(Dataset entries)
--- START ---

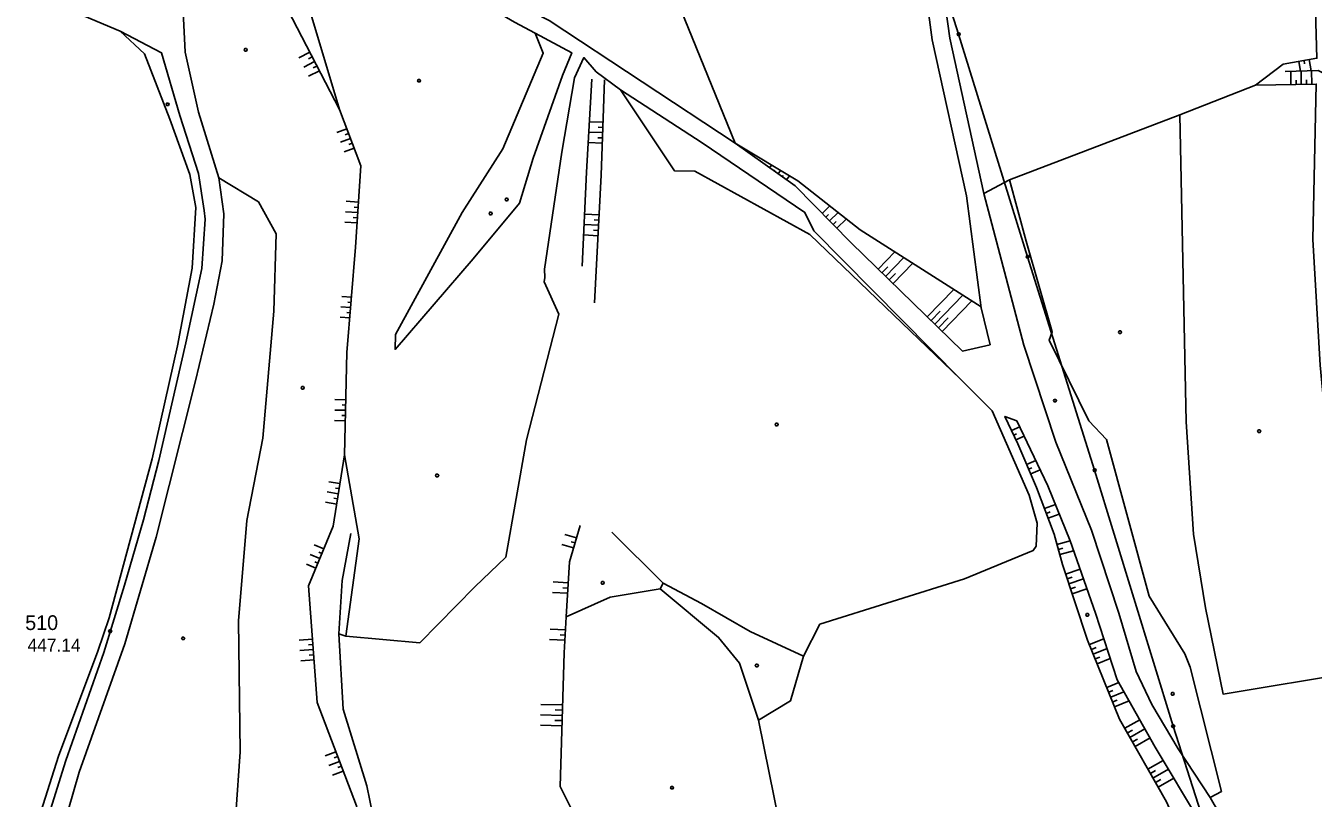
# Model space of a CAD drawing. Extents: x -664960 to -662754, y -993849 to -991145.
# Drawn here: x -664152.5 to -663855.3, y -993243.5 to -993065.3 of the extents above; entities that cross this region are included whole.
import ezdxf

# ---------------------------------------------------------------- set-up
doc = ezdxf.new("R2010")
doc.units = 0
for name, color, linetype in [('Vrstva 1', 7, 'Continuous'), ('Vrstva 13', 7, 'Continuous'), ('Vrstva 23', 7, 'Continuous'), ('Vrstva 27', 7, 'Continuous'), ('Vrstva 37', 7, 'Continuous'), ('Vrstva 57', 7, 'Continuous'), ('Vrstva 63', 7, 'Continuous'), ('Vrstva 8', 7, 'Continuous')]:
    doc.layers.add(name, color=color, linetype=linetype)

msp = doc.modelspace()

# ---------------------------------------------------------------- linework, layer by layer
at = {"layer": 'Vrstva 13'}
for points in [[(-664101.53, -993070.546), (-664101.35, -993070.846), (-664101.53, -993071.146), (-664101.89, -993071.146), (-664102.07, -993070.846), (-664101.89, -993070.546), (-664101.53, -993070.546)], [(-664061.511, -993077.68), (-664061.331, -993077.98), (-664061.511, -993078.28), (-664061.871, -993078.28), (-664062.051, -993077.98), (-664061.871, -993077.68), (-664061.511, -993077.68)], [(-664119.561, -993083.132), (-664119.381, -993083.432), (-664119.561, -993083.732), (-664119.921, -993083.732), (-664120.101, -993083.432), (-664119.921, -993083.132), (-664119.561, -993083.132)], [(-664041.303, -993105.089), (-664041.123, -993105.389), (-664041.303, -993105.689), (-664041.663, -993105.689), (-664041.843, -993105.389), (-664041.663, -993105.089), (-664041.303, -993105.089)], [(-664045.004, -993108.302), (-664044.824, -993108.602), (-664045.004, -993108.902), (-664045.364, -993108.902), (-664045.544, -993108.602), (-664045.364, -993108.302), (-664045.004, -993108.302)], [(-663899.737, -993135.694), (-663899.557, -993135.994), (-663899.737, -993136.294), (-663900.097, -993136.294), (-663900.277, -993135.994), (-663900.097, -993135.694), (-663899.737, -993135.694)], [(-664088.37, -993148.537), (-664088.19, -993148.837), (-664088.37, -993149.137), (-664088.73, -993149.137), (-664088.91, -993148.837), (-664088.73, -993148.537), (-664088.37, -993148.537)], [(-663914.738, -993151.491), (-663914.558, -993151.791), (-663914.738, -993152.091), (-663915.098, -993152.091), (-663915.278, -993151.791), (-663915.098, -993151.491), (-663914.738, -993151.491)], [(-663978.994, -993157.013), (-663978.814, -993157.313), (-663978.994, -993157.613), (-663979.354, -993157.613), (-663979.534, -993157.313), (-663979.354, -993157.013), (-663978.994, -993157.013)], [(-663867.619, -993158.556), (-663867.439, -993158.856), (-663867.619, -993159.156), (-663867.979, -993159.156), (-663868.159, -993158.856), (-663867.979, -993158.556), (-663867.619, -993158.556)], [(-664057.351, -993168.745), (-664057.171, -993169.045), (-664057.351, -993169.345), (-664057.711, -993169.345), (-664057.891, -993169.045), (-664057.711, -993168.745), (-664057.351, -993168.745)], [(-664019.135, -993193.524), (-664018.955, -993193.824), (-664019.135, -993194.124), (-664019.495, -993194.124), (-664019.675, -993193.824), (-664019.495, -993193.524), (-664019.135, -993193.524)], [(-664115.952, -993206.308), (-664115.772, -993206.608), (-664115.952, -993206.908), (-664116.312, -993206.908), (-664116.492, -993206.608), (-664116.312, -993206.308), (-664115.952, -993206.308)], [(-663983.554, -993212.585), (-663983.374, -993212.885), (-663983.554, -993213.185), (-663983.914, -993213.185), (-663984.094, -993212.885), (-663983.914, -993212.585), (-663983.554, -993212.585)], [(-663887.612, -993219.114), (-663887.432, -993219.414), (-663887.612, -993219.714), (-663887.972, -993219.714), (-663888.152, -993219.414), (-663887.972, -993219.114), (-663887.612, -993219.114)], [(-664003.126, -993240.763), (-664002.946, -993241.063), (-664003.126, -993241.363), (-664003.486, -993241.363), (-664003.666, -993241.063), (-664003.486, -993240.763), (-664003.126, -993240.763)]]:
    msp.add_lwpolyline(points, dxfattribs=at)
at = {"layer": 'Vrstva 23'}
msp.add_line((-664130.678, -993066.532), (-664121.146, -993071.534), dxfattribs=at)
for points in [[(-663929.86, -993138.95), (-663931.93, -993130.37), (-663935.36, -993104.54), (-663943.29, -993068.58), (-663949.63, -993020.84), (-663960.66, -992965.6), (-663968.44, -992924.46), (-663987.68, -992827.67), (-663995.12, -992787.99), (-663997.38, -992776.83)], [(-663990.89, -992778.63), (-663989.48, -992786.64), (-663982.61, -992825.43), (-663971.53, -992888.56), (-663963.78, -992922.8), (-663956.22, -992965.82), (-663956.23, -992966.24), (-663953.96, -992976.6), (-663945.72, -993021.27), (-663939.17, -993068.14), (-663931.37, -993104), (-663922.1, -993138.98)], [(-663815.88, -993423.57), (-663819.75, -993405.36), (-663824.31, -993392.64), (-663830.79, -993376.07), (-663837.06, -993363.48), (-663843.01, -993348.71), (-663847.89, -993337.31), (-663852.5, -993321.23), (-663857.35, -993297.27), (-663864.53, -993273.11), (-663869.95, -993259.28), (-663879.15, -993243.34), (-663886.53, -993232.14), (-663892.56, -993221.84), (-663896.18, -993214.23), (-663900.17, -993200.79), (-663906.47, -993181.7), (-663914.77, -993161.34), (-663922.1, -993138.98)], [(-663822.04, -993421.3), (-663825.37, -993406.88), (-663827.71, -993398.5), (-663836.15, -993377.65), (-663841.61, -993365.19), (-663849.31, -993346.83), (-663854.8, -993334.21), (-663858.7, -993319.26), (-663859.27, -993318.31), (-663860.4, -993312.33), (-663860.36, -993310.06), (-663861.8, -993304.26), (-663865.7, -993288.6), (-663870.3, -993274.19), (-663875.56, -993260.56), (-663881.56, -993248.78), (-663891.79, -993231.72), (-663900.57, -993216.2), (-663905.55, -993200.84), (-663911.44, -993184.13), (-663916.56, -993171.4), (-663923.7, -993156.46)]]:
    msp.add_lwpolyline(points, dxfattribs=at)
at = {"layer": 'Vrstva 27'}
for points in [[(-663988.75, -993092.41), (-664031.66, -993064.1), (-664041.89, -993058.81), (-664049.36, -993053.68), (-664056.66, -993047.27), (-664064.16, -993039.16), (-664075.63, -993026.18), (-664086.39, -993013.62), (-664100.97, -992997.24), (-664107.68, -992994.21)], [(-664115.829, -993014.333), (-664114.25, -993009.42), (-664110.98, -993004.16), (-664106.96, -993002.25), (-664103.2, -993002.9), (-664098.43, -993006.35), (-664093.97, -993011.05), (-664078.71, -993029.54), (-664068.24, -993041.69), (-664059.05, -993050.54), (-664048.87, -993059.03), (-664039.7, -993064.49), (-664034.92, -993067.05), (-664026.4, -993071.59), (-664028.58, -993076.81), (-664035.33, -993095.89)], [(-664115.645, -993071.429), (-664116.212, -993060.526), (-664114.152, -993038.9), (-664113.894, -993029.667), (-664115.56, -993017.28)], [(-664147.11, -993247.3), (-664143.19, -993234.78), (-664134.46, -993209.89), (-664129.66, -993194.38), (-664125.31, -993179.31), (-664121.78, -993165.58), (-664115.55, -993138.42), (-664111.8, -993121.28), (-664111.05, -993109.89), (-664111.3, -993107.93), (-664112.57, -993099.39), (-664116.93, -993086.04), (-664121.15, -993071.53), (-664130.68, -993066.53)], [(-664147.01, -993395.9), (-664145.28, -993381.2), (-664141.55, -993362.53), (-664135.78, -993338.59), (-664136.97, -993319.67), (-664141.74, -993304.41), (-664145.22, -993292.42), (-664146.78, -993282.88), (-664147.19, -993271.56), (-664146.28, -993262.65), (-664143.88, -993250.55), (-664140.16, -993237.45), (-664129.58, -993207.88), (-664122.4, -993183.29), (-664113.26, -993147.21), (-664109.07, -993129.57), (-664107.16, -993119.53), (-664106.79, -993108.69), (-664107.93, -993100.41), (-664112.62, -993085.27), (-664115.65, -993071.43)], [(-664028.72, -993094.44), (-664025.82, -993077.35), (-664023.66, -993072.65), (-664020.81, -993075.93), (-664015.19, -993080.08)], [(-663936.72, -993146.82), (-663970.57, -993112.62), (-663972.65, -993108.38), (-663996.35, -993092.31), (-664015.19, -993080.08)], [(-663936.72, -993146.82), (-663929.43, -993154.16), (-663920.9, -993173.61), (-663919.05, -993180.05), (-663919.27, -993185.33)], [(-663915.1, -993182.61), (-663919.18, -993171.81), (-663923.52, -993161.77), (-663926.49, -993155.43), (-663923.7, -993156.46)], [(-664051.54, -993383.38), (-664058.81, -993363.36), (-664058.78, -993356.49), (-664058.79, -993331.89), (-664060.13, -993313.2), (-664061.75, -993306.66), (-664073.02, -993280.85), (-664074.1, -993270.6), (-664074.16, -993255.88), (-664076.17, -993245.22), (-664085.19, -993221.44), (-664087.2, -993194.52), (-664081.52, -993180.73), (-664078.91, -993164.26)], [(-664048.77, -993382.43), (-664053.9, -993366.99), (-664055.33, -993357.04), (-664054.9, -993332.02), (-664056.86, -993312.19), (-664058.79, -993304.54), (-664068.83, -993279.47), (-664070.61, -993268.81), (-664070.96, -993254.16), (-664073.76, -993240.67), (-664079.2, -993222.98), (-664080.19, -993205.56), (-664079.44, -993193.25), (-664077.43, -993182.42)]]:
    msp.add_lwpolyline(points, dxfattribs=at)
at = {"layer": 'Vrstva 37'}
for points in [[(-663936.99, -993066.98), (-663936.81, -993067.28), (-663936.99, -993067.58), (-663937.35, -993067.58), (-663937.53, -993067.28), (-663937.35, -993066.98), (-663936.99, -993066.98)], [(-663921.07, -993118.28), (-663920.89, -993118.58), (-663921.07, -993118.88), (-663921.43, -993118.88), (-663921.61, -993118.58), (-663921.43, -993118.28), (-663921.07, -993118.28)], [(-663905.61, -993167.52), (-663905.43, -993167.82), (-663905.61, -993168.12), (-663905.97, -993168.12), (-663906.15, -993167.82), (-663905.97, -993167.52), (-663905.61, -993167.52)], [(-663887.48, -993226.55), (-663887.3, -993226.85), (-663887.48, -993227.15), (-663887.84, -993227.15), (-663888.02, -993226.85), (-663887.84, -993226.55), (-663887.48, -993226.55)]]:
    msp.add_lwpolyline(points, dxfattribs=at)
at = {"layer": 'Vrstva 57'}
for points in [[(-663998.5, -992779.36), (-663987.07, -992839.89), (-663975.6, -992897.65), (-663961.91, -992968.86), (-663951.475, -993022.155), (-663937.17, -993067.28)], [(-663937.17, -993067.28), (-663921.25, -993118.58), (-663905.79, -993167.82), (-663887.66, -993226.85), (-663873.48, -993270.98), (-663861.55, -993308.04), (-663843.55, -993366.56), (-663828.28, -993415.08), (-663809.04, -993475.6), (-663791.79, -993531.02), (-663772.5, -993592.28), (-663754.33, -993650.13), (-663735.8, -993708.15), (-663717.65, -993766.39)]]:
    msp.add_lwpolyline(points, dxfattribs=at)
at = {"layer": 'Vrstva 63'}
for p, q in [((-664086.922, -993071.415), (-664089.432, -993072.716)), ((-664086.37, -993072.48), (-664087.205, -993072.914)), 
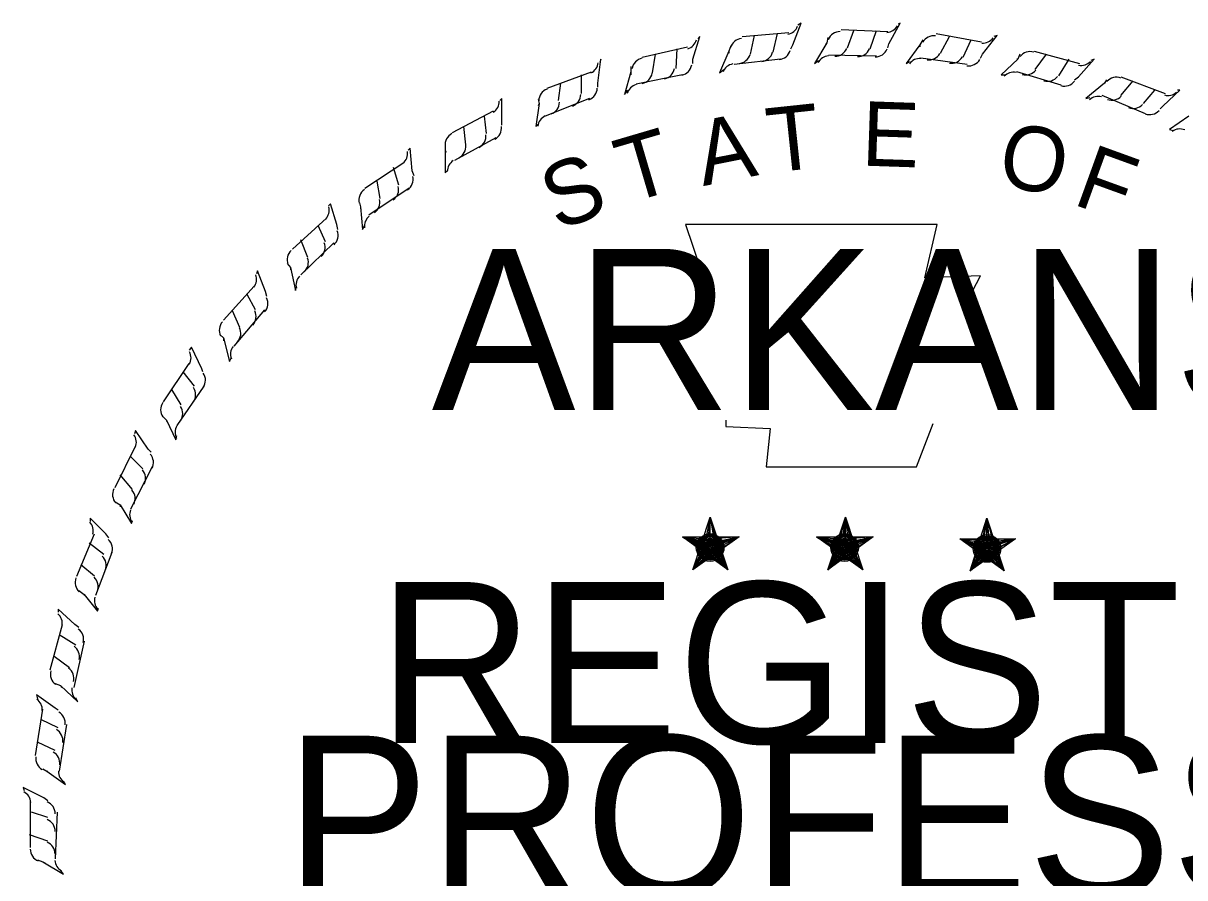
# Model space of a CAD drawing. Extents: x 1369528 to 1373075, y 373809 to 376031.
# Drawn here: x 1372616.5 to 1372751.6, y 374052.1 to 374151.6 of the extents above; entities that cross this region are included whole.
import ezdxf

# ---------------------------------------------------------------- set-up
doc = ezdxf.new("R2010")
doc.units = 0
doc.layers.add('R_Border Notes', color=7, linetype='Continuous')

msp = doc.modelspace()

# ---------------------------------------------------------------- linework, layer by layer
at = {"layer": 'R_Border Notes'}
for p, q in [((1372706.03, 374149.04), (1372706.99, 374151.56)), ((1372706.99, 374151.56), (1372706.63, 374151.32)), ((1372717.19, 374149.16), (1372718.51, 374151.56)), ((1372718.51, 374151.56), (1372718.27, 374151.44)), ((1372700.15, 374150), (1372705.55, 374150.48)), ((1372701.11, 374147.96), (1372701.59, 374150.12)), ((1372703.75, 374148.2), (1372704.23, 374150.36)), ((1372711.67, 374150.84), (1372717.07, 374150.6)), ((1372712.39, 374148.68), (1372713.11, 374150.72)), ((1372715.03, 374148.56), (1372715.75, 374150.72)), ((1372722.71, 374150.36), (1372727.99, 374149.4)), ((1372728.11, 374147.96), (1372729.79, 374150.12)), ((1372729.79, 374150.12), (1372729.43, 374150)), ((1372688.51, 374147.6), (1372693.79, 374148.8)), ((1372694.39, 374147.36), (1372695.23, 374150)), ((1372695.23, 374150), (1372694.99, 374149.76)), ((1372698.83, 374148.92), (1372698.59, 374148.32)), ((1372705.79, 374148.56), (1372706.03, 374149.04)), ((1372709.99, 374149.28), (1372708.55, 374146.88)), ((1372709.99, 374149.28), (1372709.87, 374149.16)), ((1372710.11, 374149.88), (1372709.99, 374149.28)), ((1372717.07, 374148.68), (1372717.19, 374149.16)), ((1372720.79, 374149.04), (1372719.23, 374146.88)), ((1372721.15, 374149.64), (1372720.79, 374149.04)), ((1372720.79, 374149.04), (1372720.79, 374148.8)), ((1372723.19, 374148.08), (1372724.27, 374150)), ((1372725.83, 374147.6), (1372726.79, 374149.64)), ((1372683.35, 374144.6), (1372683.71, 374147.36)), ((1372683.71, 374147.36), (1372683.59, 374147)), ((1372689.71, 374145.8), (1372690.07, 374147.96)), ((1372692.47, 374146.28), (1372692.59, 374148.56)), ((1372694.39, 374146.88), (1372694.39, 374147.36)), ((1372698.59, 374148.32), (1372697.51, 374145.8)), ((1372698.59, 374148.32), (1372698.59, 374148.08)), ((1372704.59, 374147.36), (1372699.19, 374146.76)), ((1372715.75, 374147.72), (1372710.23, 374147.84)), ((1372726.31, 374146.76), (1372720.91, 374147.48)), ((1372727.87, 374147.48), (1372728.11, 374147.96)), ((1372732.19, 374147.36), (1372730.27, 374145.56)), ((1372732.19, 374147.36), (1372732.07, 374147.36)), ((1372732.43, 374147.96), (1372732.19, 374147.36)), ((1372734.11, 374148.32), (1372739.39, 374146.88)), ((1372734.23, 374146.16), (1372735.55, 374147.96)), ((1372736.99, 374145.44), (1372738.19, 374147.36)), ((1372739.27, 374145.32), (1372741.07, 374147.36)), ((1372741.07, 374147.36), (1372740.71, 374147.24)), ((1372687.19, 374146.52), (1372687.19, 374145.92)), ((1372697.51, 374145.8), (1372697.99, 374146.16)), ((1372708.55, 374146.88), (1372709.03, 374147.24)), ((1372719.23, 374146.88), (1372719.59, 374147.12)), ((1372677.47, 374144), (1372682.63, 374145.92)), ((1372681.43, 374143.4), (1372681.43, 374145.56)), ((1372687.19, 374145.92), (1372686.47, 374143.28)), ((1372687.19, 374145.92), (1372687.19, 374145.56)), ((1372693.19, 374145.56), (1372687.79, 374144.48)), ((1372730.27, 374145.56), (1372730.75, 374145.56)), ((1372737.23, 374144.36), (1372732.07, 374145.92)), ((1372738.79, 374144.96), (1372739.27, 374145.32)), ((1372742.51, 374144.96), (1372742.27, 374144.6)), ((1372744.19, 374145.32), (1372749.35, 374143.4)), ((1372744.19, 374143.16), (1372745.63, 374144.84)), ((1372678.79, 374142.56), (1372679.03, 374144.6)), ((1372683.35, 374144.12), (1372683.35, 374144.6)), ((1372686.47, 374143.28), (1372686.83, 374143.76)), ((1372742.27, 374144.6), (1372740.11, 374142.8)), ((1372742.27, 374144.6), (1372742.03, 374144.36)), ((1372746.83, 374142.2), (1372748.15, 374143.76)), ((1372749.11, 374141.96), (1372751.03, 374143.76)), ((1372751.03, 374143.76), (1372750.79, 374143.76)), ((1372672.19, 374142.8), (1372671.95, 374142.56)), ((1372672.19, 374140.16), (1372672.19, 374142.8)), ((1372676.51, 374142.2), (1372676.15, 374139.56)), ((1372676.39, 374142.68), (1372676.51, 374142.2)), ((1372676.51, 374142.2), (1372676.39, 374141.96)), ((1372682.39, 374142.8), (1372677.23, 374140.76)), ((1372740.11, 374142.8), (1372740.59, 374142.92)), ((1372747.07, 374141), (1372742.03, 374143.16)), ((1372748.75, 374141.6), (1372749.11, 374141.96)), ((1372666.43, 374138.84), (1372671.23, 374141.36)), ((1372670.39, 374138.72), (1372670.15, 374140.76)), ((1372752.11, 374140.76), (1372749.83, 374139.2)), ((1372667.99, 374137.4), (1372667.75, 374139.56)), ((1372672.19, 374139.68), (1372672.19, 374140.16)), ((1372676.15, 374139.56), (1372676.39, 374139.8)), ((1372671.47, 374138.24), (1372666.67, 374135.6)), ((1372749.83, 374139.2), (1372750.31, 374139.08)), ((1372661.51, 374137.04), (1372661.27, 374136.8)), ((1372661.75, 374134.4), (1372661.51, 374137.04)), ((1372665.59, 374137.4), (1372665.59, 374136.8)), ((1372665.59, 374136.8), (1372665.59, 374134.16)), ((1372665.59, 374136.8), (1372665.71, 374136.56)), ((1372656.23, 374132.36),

--- END ---

** INSTRUCTIONS FOR THE TASK **
The reply should consist of one number, the count of lines above with the string "linetype" in them.

** ANSWER BOX **
3